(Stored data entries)
# # # #
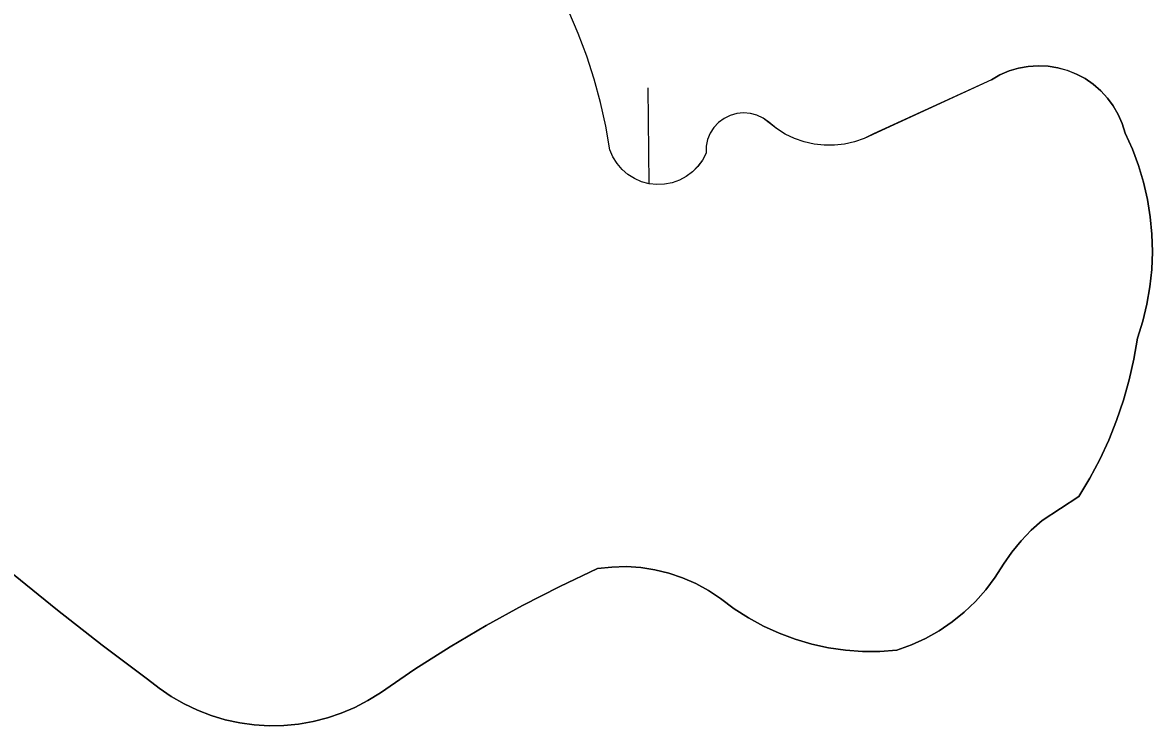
# Model space of a CAD drawing. Extents: x 3684037 to 3722149, y 433263 to 459021.
# Drawn here: x 3709371.5 to 3709580.5, y 456584.2 to 456715.1 of the extents above; entities that cross this region are included whole.
import ezdxf

# ---------------------------------------------------------------- set-up
doc = ezdxf.new("R2010")
doc.units = 0
for name, color, linetype in [('V-GRID-MAJR', 7, 'Continuous'), ('V-TOPO-SHOR', 7, 'Continuous'), ('V-WETL-SWMP', 7, 'Continuous')]:
    doc.layers.add(name, color=color, linetype=linetype)

msp = doc.modelspace()

# ---------------------------------------------------------------- linework, layer by layer
at = {"layer": 'V-GRID-MAJR'}
msp.add_spline([(3709426.74, 438923.75), (3709355.37, 444981.09), (3709283.97, 451041.51), (3709212.57, 457101.93), (3709212.53, 457105.01)], degree=3, dxfattribs=at)
at = {"layer": 'V-TOPO-SHOR'}
for points in [[(3709550.68, 456704.54), (3709528.86, 456694.52), (3709527.17, 456693.69), (3709525.39, 456693.05), (3709523.54, 456692.62), (3709521.66, 456692.4), (3709519.77, 456692.4), (3709517.89, 456692.61), (3709516.05, 456693.03), (3709514.26, 456693.65), (3709512.56, 456694.48), (3709510.96, 456695.49), (3709509.49, 456696.67), (3709508.47, 456697.42), (3709507.32, 456697.96), (3709506.1, 456698.29), (3709504.84, 456698.4), (3709503.59, 456698.28), (3709502.37, 456697.93), (3709501.23, 456697.37), (3709500.22, 456696.62), (3709499.36, 456695.69), (3709498.68, 456694.63), (3709498.2, 456693.46), (3709497.93, 456692.22), (3709497.9, 456690.95), (3709497.25, 456689.68), (3709496.41, 456688.52), (3709495.4, 456687.49), (3709494.25, 456686.63), (3709492.99, 456685.95), (3709491.64, 456685.47), (3709490.23, 456685.19), (3709488.8, 456685.14), (3709487.37, 456685.29), (3709485.99, 456685.66), (3709484.67, 456686.24), (3709483.46, 456687.01), (3709482.37, 456687.95), (3709481.44, 456689.03), (3709480.69, 456690.26), (3709480.12, 456691.57), (3709479.36, 456695.97), (3709478.39, 456700.32), (3709477.21, 456704.63), (3709475.84, 456708.87), (3709474.28, 456713.05), (3709472.52, 456717.14)], [(3709550.68, 456704.54), (3709552.27, 456705.43), (3709553.95, 456706.15), (3709555.7, 456706.67), (3709557.5, 456706.99), (3709559.32, 456707.12), (3709561.15, 456707.03), (3709562.95, 456706.75), (3709564.72, 456706.27), (3709566.41, 456705.59), (3709568.02, 456704.73), (3709569.53, 456703.69), (3709570.91, 456702.49), (3709572.15, 456701.15), (3709573.23, 456699.68), (3709574.14, 456698.1), (3709574.87, 456696.42), (3709575.41, 456694.67), (3709576.75, 456691.72), (3709577.89, 456688.67), (3709578.82, 456685.56), (3709579.55, 456682.39), (3709580.07, 456679.18), (3709580.37, 456675.95), (3709580.46, 456672.7), (3709580.33, 456669.45), (3709579.98, 456666.22), (3709579.43, 456663.02), (3709578.66, 456659.86), (3709577.68, 456656.76), (3709577.03, 456652.88), (3709576.17, 456649.04), (3709575.11, 456645.25), (3709573.84, 456641.52), (3709572.37, 456637.86), (3709570.71, 456634.29), (3709568.86, 456630.82), (3709566.82, 456627.46)], [(3709566.82, 456627.46), (3709560.04, 456623.04), (3709558.03, 456621.23), (3709556.16, 456619.28), (3709554.45, 456617.19), (3709552.91, 456614.97), (3709551.38, 456612.53), (3709549.65, 456610.22), (3709547.74, 456608.06), (3709545.65, 456606.07), (3709543.41, 456604.26), (3709541.02, 456602.64), (3709538.51, 456601.22), (3709535.89, 456600.02), (3709533.18, 456599.04), (3709530.02, 456598.82), (3709526.85, 456598.82), (3709523.69, 456599.05), (3709520.55, 456599.5), (3709517.45, 456600.18), (3709514.41, 456601.07), (3709511.44, 456602.17)], [(3709511.44, 456602.17), (3709508.56, 456603.48), (3709505.77, 456605), (3709503.1, 456606.7), (3709500.56, 456608.6), (3709498.35, 456610.08), (3709496.01, 456611.36), (3709493.57, 456612.43), (3709491.05, 456613.29), (3709488.46, 456613.92), (3709485.82, 456614.32), (3709483.16, 456614.49), (3709480.5, 456614.42), (3709477.85, 456614.12), (3709470.87, 456610.83), (3709463.99, 456607.33), (3709457.23, 456603.6), (3709450.59, 456599.66), (3709444.07, 456595.52), (3709437.7, 456591.16), (3709435.38, 456589.72), (3709432.96, 456588.46), (3709430.45, 456587.39), (3709427.87, 456586.51), (3709425.22, 456585.84), (3709422.53, 456585.37), (3709419.82, 456585.11), (3709417.09, 456585.06), (3709414.36, 456585.22), (3709411.66, 456585.59), (3709408.99, 456586.17), (3709406.38, 456586.95), (3709403.83, 456587.93), (3709401.37, 456589.1), (3709399, 456590.46), (3709396.74, 456592), (3709394.61, 456593.7), (3709386.21, 456599.96), (3709377.96, 456606.41), (3709369.85, 456613.05)]]:
    msp.add_lwpolyline(points, dxfattribs=at)
at = {"layer": 'V-WETL-SWMP'}
for p, q in [((3709474.28, 456713.05), (3709472.52, 456717.14)), ((3709475.84, 456708.87), (3709474.28, 456713.05)), ((3709477.21, 456704.62), (3709475.84, 456708.87)), ((3709555.7, 456706.67), (3709553.95, 456706.15)), ((3709557.5, 456706.99), (3709555.7, 456706.67)), ((3709559.32, 456707.11), (3709557.5, 456706.99)), ((3709561.15, 456707.03), (3709559.32, 456707.11)), ((3709562.95, 456706.75), (3709561.15, 456707.03)), ((3709564.72, 456706.26), (3709562.95, 456706.75)), ((3709566.41, 456705.59), (3709564.72, 456706.26)), ((3709478.39, 456700.32), (3709477.21, 456704.62)), ((3709550.68, 456704.54), (3709527.17, 456693.69)), ((3709552.27, 456705.43), (3709550.68, 456704.54)), ((3709553.95, 456706.15), (3709552.27, 456705.43)), ((3709568.02, 456704.73), (3709566.41, 456705.59)), ((3709569.53, 456703.69), (3709568.02, 456704.73)), ((3709487.38, 456685.29), (3709487.18, 456703.01)), ((3709570.91, 456702.49), (3709569.53, 456703.69)), ((3709572.15, 456701.15), (3709570.91, 456702.49)), ((3709479.36, 456695.97), (3709478.39, 456700.32)), ((3709573.23, 456699.68), (3709572.15, 456701.15)), ((3709502.37, 456697.93), (3709501.23, 456697.37)), ((3709503.58, 456698.28), (3709502.37, 456697.93)), ((3709504.84, 456698.4), (3709503.58, 456698.28)), ((3709506.1, 456698.29), (3709504.84, 456698.4)), ((3709507.32, 456697.96), (3709506.1, 456698.29)), ((3709508.47, 456697.42), (3709507.32, 456697.96)), ((3709574.14, 456698.1), (3709573.23, 456699.68)), ((3709574.87, 456696.42), (3709574.14, 456698.1)), ((3709480.12, 456691.57), (3709479.36, 456695.97)), ((3709500.22, 456696.62), (3709499.36, 456695.69)), ((3709501.23, 456697.37), (3709500.22, 456696.62)), ((3709510.96, 456695.49), (3709508.47, 456697.42)), ((3709575.41, 456694.67), (3709574.87, 456696.42)), ((3709498.68, 456694.63), (3709498.2, 456693.46)), ((3709499.36, 456695.69), (3709498.68, 456694.63)), ((3709512.56, 456694.48), (3709510.96, 456695.49)), ((3709514.26, 456693.65), (3709512.56, 456694.48)), ((3709516.05, 456693.03), (3709514.26, 456693.65)), ((3709527.17, 456693.69), (3709525.39, 456693.05)), ((3709576.75, 456691.71), (3709575.41, 456694.67)), ((3709480.69, 456690.25), (3709480.12, 456691.57)), ((3709497.93, 456692.22), (3709497.9, 456690.95)), ((3709498.2, 456693.46), (3709497.93, 456692.22)), ((3709517.89, 456692.61), (3709516.05, 456693.03)), ((3709519.77, 456692.4), (3709517.89, 456692.61)), ((3709521.66, 456692.4), (3709519.77, 456692.4)), ((3709523.54, 456692.62), (3709521.66, 456692.4)), ((3709525.39, 456693.05), (3709523.54, 456692.62)), ((3709577.89, 456688.67), (3709576.75, 456691.71)), ((3709481.44, 456689.03), (3709480.69, 456690.25)), ((3709497.25, 456689.68), (3709496.41, 456688.51)), ((3709497.9, 456690.95), (3709497.25, 456689.68)), ((3709482.37, 456687.94), (3709481.44, 456689.03)), ((3709483.46, 456687), (3709482.37, 456687.94)), ((3709495.4, 456687.49), (3709494.26, 456686.63)), ((3709496.41, 456688.51), (3709495.4, 456687.49)), ((3709578.82, 456685.56), (3709577.89, 456688.67)), ((3709484.67, 456686.24), (3709483.46, 456687)), ((3709485.99, 456685.66), (3709484.67, 456686.24)), ((3709487.37, 456685.29), (3709485.99, 456685.66)), ((3709488.8, 456685.14), (3709487.37, 456685.29)), ((3709491.64, 456685.47), (3709490.23, 456685.19)), ((3709492.99, 456685.95), (3709491.64, 456685.47)), ((3709494.26, 456686.63), (3709492.99, 456685.95)), ((3709579.55, 456682.39), (3709578.82, 456685.56)), ((3709490.23, 456685.19), (3709488.8, 456685.14)), ((3709580.07, 456679.18), (3709579.55, 456682.39)), ((3709580.37, 456675.95), (3709580.07, 456679.18)), ((3709580.46, 456672.7), (3709580.37, 456675.95)), ((3709580.33, 456669.45), (3709580.46, 456672.7)), ((3709579.98, 456666.22), (3709580.33, 456669.45)), ((3709579.43, 456663.02), (3709579.98, 456666.22)), ((3709578.66, 456659.86), (3709579.43, 456663.02)), ((3709577.68, 456656.76), (3709578.66, 456659.86)), ((3709577.03, 456652.88), (3709577.68, 456656.76)), ((3709576.17, 456649.04), (3709577.03, 456652.88)), ((3709575.11, 456645.25), (3709576.17, 456649.04)), ((3709573.84, 456641.52), (3709575.11, 456645.25)), ((3709572.37, 456637.86), (3709573.84, 456641.52)), ((3709570.71, 456634.3), (3709572.37, 456637.86)), ((3709568.86, 456630.82), (3709570.71, 456634.3)), ((3709566.82, 456627.45), (3709568.86, 456630.82)), ((3709560.04, 456623.04), (3709566.82, 456627.45)), ((3709558.03, 456621.23), (3709560.04, 456623.04)), ((3709556.16, 456619.28), (3709558.03, 456621.23)), ((3709554.45, 456617.19), (3709556.16, 456619.28)), ((3709552.91, 456614.97), (3709554.45, 456617.19)), ((3709477.85, 456614.12), (3709480.5, 456614.42)), ((3709480.5, 456614.42), (3709483.16, 456614.49)), ((3709483.16, 456614.49), (3709485.82, 456614.32)), ((3709485.82, 456614.32), (3709488.46, 456613.92)), ((3709551.38, 456612.53), (3709552.91, 456614.97)), ((3709369.85, 456613.05), (3709377.96, 456606.41)), ((3709470.87, 456610.83), (3709477.85, 456614.12)), ((3709488.46, 456613.92), (3709491.05, 456613.29)), ((3709491.05, 456613.29), (3709493.57, 456612.43)), ((3709493.57, 456612.43), (3709496.01, 456611.36)), ((3709549.65, 456610.22), (3709551.38, 456612.53)), ((3709463.99, 456607.33), (3709470.87, 456610.83)), ((3709496.01, 456611.36), (3709498.34, 456610.08)), ((3709498.34, 456610.08), (3709500.56, 456608.59)), ((3709547.74, 456608.06), (3709549.65, 456610.22)), ((3709500.56, 456608.59), (3709503.1, 456606.7)), ((3709545.65, 456606.07), (3709547.74, 456608.06)), ((3709377.96, 456606.41), (3709386.21, 456599.96)), ((3709457.23, 456603.6), (3709463.99, 456607.33)), ((3709503.1, 456606.7), (3709505.77, 456605)), ((3709543.41, 456604.26), (3709545.65, 456606.07)), ((3709505.77, 456605), (3709508.56, 456603.48)), ((3709541.02, 456602.64), (3709543.41, 456604.26)), ((3709450.58, 456599.66), (3709457.23, 456603.6)), ((3709508.56, 456603.48), (3709511.44, 456602.17)), ((3709511.44, 456602.17), (3709514.41, 456601.07)), ((3709538.51, 456601.22), (3709541.02, 456602.64)), ((3709386.21, 456599.96), (3709394.61, 456593.7)), ((3709444.07, 456595.52), (3709450.58, 456599.66)), ((3709514.41, 456601.07), (3709517.45, 456600.18)), ((3709517.45, 456600.18), (3709520.55, 456599.5)), ((3709533.18, 456599.04), (3709535.89, 456600.02)), ((3709535.89, 456600.02), (3709538.51, 456601.22)), ((3709520.55, 456599.5), (3709523.69, 456599.05)), ((3709523.69, 456599.05), (3709526.85, 456598.82)), ((3709526.85, 456598.82), (3709530.02, 456598.82)), ((3709530.02, 456598.82), (3709533.18, 456599.04)), ((3709437.7, 456591.16), (3709444.07, 456595.52)), ((3709394.61, 456593.7), (3709396.74, 456592)), ((3709396.74, 456592), (3709399, 456590.46)), ((3709399, 456590.46), (3709401.36, 456589.1)), ((3709432.96, 456588.46), (3709435.38, 456589.72)), ((3709435.38, 456589.72), (3709437.7, 456591.16)), ((3709401.36, 456589.1), (3709403.83, 456587.93)), ((3709403.83, 456587.93), (3709406.38, 456586.95)), ((3709427.87, 456586.51), (3709430.45, 456587.39)), ((3709430.45, 456587.39), (3709432.96, 456588.46)), ((3709406.38, 456586.95), (3709408.99, 456586.17)), ((3709408.99, 456586.17), (3709411.66, 456585.59)), ((3709411.66, 456585.59), (3709414.36, 456585.22)), ((3709414.36, 456585.22), (3709417.09, 456585.06)), ((3709417.09, 456585.06), (3709419.82, 456585.11)), ((3709419.82, 456585.11), (3709422.53, 456585.37)), ((3709422.53, 456585.37), (3709425.22, 456585.84)), ((3709425.22, 456585.84), (3709427.87, 456586.51))]:
    msp.add_line(p, q, dxfattribs=at)

doc.saveas('drawing.dxf')
# # # #
_TASK:_
Scan the data above and copy each line containing the word "name".

_TASK OUTPUT:_
for name, color, linetype in [('V-GRID-MAJR', 7, 'Continuous'), ('V-TOPO-SHOR', 7, 'Continuous'), ('V-WETL-SWMP', 7, 'Continuous')]:
    doc.layers.add(name, color=color, linetype=linetype)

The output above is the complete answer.